Fans of the 110-year-old Lamar Hunt U.S. Open Cup (now in its 108th edition) live by its magic moments and unique essences. And the Quarterfinals of the 2023 competition tossed up more than its share on June 6 and 7. Join us for a look back at eight moments of note from a slate of four games defined, in the main, by the loss of our last two battlers from the second division (Pittsburgh Riverhounds and Birmingham Legion) and the looming presence of a global icon who might well have a say in our Last Four.
The Dream is Dead (Riverhounds)
It’s a hard road for the lower-leaguers. The challenges greater, more numerous, are usually insurmountable. And still we salute the striving every year. The Cupsets and Dreams. Teams – like the Pittsburgh Riverhounds – who stand up to the established order. Coach Bob Lilley knows the obstacles. Decades in the second division have made him an oracle. This year he got the better of Bruce Arena, the New England Revolution and 2021 MLS MVP Carles Gil, helping his outstanding players like Danny Griffin and Albert Dikwa believe this might be the year a team from outside of MLS’ gated walls go all the way. They beat the Columbus Crew too, making an unforgettable spectacle of the riverbank and dazzling a record crowd at their Highmark Stadium. Sure, it came apart on the road in Cincinnati, where a third MLS team, baked through with top talent and big dollars, did exactly what the norms demand. But the Hounds never rolled over. Tola Showunmi’s stoppage-time goal, consolation in a 3-1 defeat, stands as a lesson to all. Keep pushing. If it’s not this year, maybe the next.
FC Cincy Hit the High Road
It’s easy to paint FC Cincinnati as the villain. Top of MLS. Living the high life and stomping the earnest efforts of those below like some Midwestern Godzilla. But what’s ever that simple? In 2017, down in the USL Championship where those Riverhounds have toiled since 1999, they shoved their way as heavy underdogs into an Open Cup Semifinal. It wasn’t at their flashy new digs of TQL Stadium, but at a previous home called Nippert. It was built for the other football and fans there bounced and fired smoke bombs and perched over New York Red Bull keeper Ryan Meara like weird birds. It seemed the world had turned upside-down when they led Jesse Marsch’s Bulls by two with fifteen minutes to go. But the world – the real and damn cruel one – had its say in the end. Cincy lost to a deeper team and a top-tier talent – Bradley Wright-Phillips – that only top clubs can afford. So many of the fans of today’s FC Cincinnati – members in good standing of MLS’ Tribe of the Haves – were there. Now they have a Lucho Acosta and a Brandon Vazquez. And a road to the Final is open with their side as favorites. The explosion of joy from those fans when Alvaro Barreal hit the net with a volley for the ages – worthy of any stage anywhere in the world – seemed to signify something big. Perhaps, their year is here.

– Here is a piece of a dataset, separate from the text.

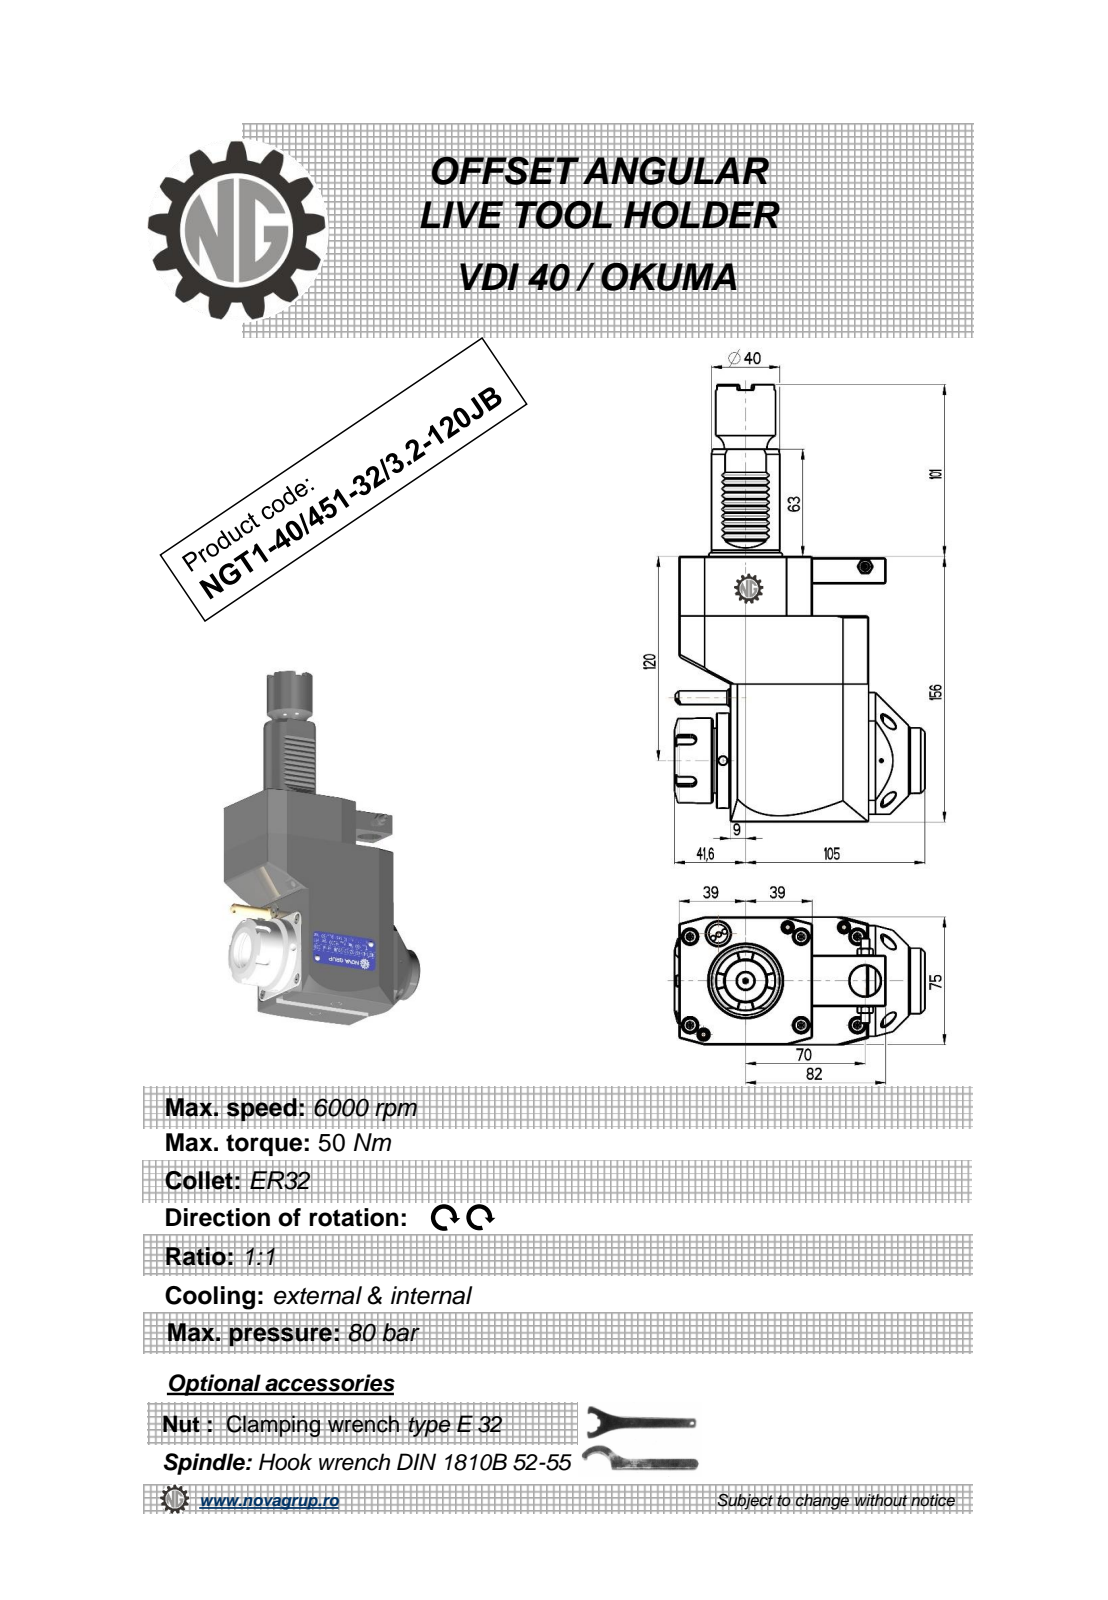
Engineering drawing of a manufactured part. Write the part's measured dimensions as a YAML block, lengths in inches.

Long Live the Dream (Legion)
Let’s consider the Birmingham Legion. They’re a five-year-old second-division side from Alabama building an unlikely soccer stronghold in college-football country. They drew a record crowd of 18,418 in hopes of seeing a second Cupset in a row against MLS’ Inter Miami, who, frankly, lack something on the field in their current iteration. And this was the very same day Inter signed Lionel Messi. Rub your eyes and read it again. He wasn’t at Alabama’s Protective Stadium on the night, but his aura was. The humble Legion, never more aware of their status, made a firm fighting fist of it. Any assertion that they were the better team on that day wouldn’t meet with argument here. Led by Enzo Martinez and Juan Agudelo, they gave as good as they got for 90 minutes of a slim 0-1 loss. Inter Miami – soon to be the toast of the soccer universe for reasons beyond the field – can consider themselves lucky to have escaped the real world of Open Cup possibilities with their heads still attached.
Messi in the Open Cup?
Let us talk some more of kings. Like it or not, they have a major influence on our lives. Messi is coming. The greatest player to ever play (with deference to slight variants of opinion). MLS has moved heaven and earth to bring him here to American shores where it’s hoped he’ll enlighten the masses and bring harmony to all living things. And what might that mean for our little corner of the game? The old tournament, played out by amateurs and pros and everything in between, through the last 110 years? What we can say is this: Messi, brought in to win things and to inspire all of those lucky enough to see him perform his symphonics in person, will very likely be eligible to play in our Semifinal (scheduled for August 23rd, with his Miami on the road in Cincinnati, Ohio). Could ours be the first trophy Messi lifts on North American soil when the final whistle goes on our Final on September 27th? It’s a tantalizing maybe. So let’s find out together, shall we?